Submitted to: Plant Disease
Publication Type: Peer Reviewed Journal
Publication Acceptance Date: January 17, 2014
Publication Date: January 17, 2014
Citation: Bock, C.H., Wood, B.W., Stevenson, K.L., Arias De Ares, R.S. 2014. Genetic diversity and population structure of Fusicladium effusum on pecan in the U.S.A.. Plant Disease. 98:916-923.

Interpretive Summary: Fusicladium effusum causes pecan scab, which is the most destructive disease of pecan in the U.S.A. The disease is known to be spread through asexually produced conidia in rain splash and wind. The fungus is pathogenically diverse, yet there is no information on its genetic diversity or population genetics. Molecular markers were used to investigate the genetic diversity and population structure on a hierarchical sample of 194 isolates collected from 11 orchard locations from Florida to Texas. Genetic variation was high throughout the region, with all but 9 of genotypes being unique. Genetic diversity was similar in all populations. An analysis of molecular variance found that the majority of the genetic variability (82.6%) occurred at the scale of the individual tree and only relatively small amounts among populations in trees from an orchard (5.0%) or within groups (12.5%). These results suggested that there is little population differentiation in F. effusum in the southeastern U.S.A. The genetic diversity and the scale over which the diversity is distributed is evidence that F. effusum undergoes regular recombination despite no known sexual stage.
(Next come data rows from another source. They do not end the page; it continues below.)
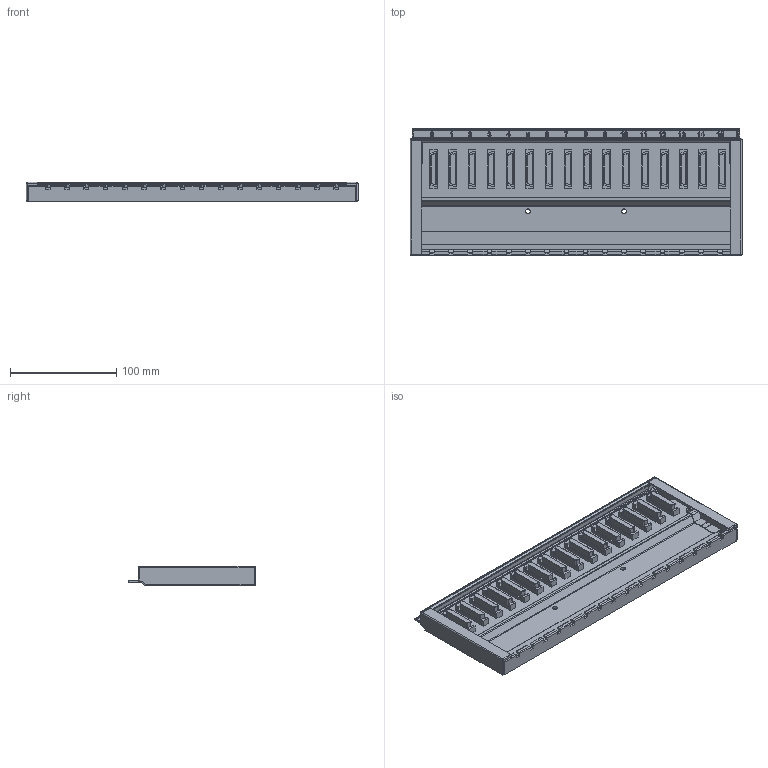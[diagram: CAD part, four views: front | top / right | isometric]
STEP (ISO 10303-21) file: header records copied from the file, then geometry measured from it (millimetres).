
FILE_DESCRIPTION (( 'STEP AP214' ), '1' );
FILE_NAME ('NX9002_20130611.STEP', '2013-06-11T16:04:05', ( 'ALTUS' ), ( '' ), 'SwSTEP 2.0', 'SolidWorks 2011', '' );
FILE_SCHEMA (( 'AUTOMOTIVE_DESIGN' ));
Length unit declared in the file: millimetre
Products named in the file (1): NX9002_20130611
Bounding box: 312.5 x 119.08 x 18.68 mm (x, y, z)
Volume: 174898.9 mm3; surface area: 157419.5 mm2
Topology: 1 solids, 1 shells, 1282 faces, 3894 edges, 2675 vertices
Faces by surface type: plane 666, cylinder 432, bspline 66, torus 66, cone 46, sphere 6
Entity records: 60304 total; most frequent: CARTESIAN_POINT 11796, ORIENTED_EDGE 7768, DIRECTION 6570, EDGE_CURVE 3884, VERTEX_POINT 2673, VECTOR 2192, LINE 2192, AXIS2_PLACEMENT_3D 2189

Technical Abstract: Fusicladium effusum causes pecan scab, which is the most destructive disease of pecan in the U.S.A. The disease is known to be spread through asexually produced conidia in rain splash and wind. The fungus has demonstrated pathogenic diversity, yet there is no information on its genetic diversity or population genetics. Universally Primed-PCR (UP-PCR) was used to investigate the genetic diversity and population structure on a hierarchical sample of 194 isolates collected from 11 orchard locations from Florida to Texas, consisting of 3 to 4 isolates from each of 5 to 6 trees at each location. Genetic variation was high throughout the region, with all but 9 of the multilocus haplotypes being unique. Nei’s average gene diversity ranged from 0.083 for a population from Mississippi to 0.160 for a population from Kansas. An analysis of molecular variance of the hierarchically sampled populations found that the majority of the genetic variability (82.6%) occurred at the scale of the individual tree and only relatively small amounts among populations in trees from an orchard (5.0%) or within groups (i.e., orchard location populations) (12.5%). These results suggested that there is little population differentiation in F. effusum in the southeastern U.S.A., although fpt values of genetic distance for pairwise comparisons indicated that some populations could be differentiated. There was evidence of linkage disequilibrium in some populations, and the common occurrence of asexual reproduction in F. effusum could lead to measurable linkage disequilibrium under certain circumstances. However, the genetic diversity, and the scale over which the diversity is distributed is evidence that F. effusum undergoes regular recombination despite no known sexual stage.